_GOAL OF THE EXERCISE:_
Every entry needs to be written out again exactly.

_DATA PROVIDED:_
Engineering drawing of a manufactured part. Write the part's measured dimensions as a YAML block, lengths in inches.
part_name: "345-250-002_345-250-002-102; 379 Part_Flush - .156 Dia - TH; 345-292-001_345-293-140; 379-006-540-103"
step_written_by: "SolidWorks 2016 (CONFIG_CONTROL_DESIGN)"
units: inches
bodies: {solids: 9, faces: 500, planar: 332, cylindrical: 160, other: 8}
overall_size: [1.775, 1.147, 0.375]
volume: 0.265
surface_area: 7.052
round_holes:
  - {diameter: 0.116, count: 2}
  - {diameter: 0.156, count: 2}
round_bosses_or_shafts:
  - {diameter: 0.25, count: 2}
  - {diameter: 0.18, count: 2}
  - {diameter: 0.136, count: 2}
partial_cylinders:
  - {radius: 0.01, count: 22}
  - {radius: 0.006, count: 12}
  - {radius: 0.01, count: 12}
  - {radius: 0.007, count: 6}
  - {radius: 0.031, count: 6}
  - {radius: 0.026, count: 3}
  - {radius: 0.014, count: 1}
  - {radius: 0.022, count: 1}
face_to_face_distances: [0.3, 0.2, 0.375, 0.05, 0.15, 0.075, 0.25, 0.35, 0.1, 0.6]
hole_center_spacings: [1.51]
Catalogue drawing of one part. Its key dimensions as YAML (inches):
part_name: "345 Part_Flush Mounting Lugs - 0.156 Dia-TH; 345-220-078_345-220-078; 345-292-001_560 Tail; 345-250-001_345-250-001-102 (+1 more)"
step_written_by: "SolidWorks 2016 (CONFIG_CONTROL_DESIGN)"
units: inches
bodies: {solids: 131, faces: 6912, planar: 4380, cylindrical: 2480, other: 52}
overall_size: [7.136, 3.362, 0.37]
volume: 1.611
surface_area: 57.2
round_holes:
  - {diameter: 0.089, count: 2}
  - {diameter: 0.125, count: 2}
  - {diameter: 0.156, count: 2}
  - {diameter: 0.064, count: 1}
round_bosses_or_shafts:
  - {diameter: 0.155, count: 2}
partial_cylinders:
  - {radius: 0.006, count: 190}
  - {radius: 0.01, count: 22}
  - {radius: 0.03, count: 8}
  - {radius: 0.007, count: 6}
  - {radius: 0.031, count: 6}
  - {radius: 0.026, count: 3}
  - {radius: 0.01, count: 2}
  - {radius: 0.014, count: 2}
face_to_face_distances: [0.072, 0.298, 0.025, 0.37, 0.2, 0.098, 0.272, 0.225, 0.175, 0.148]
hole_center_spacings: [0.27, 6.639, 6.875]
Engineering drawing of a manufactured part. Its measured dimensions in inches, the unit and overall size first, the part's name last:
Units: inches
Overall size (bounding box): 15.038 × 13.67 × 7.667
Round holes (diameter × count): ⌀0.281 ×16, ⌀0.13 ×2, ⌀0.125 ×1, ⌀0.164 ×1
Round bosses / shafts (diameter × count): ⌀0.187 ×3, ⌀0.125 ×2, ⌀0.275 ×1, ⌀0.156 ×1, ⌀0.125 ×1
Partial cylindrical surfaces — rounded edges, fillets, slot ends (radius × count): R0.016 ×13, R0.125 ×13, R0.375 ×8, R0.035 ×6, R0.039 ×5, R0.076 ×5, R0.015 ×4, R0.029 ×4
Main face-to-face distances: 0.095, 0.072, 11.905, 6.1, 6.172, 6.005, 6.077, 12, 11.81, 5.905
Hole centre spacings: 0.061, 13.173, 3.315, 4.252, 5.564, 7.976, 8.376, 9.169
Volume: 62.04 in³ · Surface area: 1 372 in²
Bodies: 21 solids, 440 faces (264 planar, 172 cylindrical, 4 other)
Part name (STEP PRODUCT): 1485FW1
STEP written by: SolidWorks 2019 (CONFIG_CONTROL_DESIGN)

_ANSWER TO THE PROBLEM:_
Engineering drawing of a manufactured part. Write the part's measured dimensions as a YAML block, lengths in inches.
part_name: "345-250-002_345-250-002-102; 379 Part_Flush - .156 Dia - TH; 345-292-001_345-293-140; 379-006-540-103"
step_written_by: "SolidWorks 2016 (CONFIG_CONTROL_DESIGN)"
units: inches
bodies: {solids: 9, faces: 500, planar: 332, cylindrical: 160, other: 8}
overall_size: [1.775, 1.147, 0.375]
volume: 0.265
surface_area: 7.052
round_holes:
  - {diameter: 0.116, count: 2}
  - {diameter: 0.156, count: 2}
round_bosses_or_shafts:
  - {diameter: 0.25, count: 2}
  - {diameter: 0.18, count: 2}
  - {diameter: 0.136, count: 2}
partial_cylinders:
  - {radius: 0.01, count: 22}
  - {radius: 0.006, count: 12}
  - {radius: 0.01, count: 12}
  - {radius: 0.007, count: 6}
  - {radius: 0.031, count: 6}
  - {radius: 0.026, count: 3}
  - {radius: 0.014, count: 1}
  - {radius: 0.022, count: 1}
face_to_face_distances: [0.3, 0.2, 0.375, 0.05, 0.15, 0.075, 0.25, 0.35, 0.1, 0.6]
hole_center_spacings: [1.51]
Catalogue drawing of one part. Its key dimensions as YAML (inches):
part_name: "345 Part_Flush Mounting Lugs - 0.156 Dia-TH; 345-220-078_345-220-078; 345-292-001_560 Tail; 345-250-001_345-250-001-102 (+1 more)"
step_written_by: "SolidWorks 2016 (CONFIG_CONTROL_DESIGN)"
units: inches
bodies: {solids: 131, faces: 6912, planar: 4380, cylindrical: 2480, other: 52}
overall_size: [7.136, 3.362, 0.37]
volume: 1.611
surface_area: 57.2
round_holes:
  - {diameter: 0.089, count: 2}
  - {diameter: 0.125, count: 2}
  - {diameter: 0.156, count: 2}
  - {diameter: 0.064, count: 1}
round_bosses_or_shafts:
  - {diameter: 0.155, count: 2}
partial_cylinders:
  - {radius: 0.006, count: 190}
  - {radius: 0.01, count: 22}
  - {radius: 0.03, count: 8}
  - {radius: 0.007, count: 6}
  - {radius: 0.031, count: 6}
  - {radius: 0.026, count: 3}
  - {radius: 0.01, count: 2}
  - {radius: 0.014, count: 2}
face_to_face_distances: [0.072, 0.298, 0.025, 0.37, 0.2, 0.098, 0.272, 0.225, 0.175, 0.148]
hole_center_spacings: [0.27, 6.639, 6.875]
Engineering drawing of a manufactured part. Its measured dimensions in inches, the unit and overall size first, the part's name last:
Units: inches
Overall size (bounding box): 15.038 × 13.67 × 7.667
Round holes (diameter × count): ⌀0.281 ×16, ⌀0.13 ×2, ⌀0.125 ×1, ⌀0.164 ×1
Round bosses / shafts (diameter × count): ⌀0.187 ×3, ⌀0.125 ×2, ⌀0.275 ×1, ⌀0.156 ×1, ⌀0.125 ×1
Partial cylindrical surfaces — rounded edges, fillets, slot ends (radius × count): R0.016 ×13, R0.125 ×13, R0.375 ×8, R0.035 ×6, R0.039 ×5, R0.076 ×5, R0.015 ×4, R0.029 ×4
Main face-to-face distances: 0.095, 0.072, 11.905, 6.1, 6.172, 6.005, 6.077, 12, 11.81, 5.905
Hole centre spacings: 0.061, 13.173, 3.315, 4.252, 5.564, 7.976, 8.376, 9.169
Volume: 62.04 in³ · Surface area: 1 372 in²
Bodies: 21 solids, 440 faces (264 planar, 172 cylindrical, 4 other)
Part name (STEP PRODUCT): 1485FW1
STEP written by: SolidWorks 2019 (CONFIG_CONTROL_DESIGN)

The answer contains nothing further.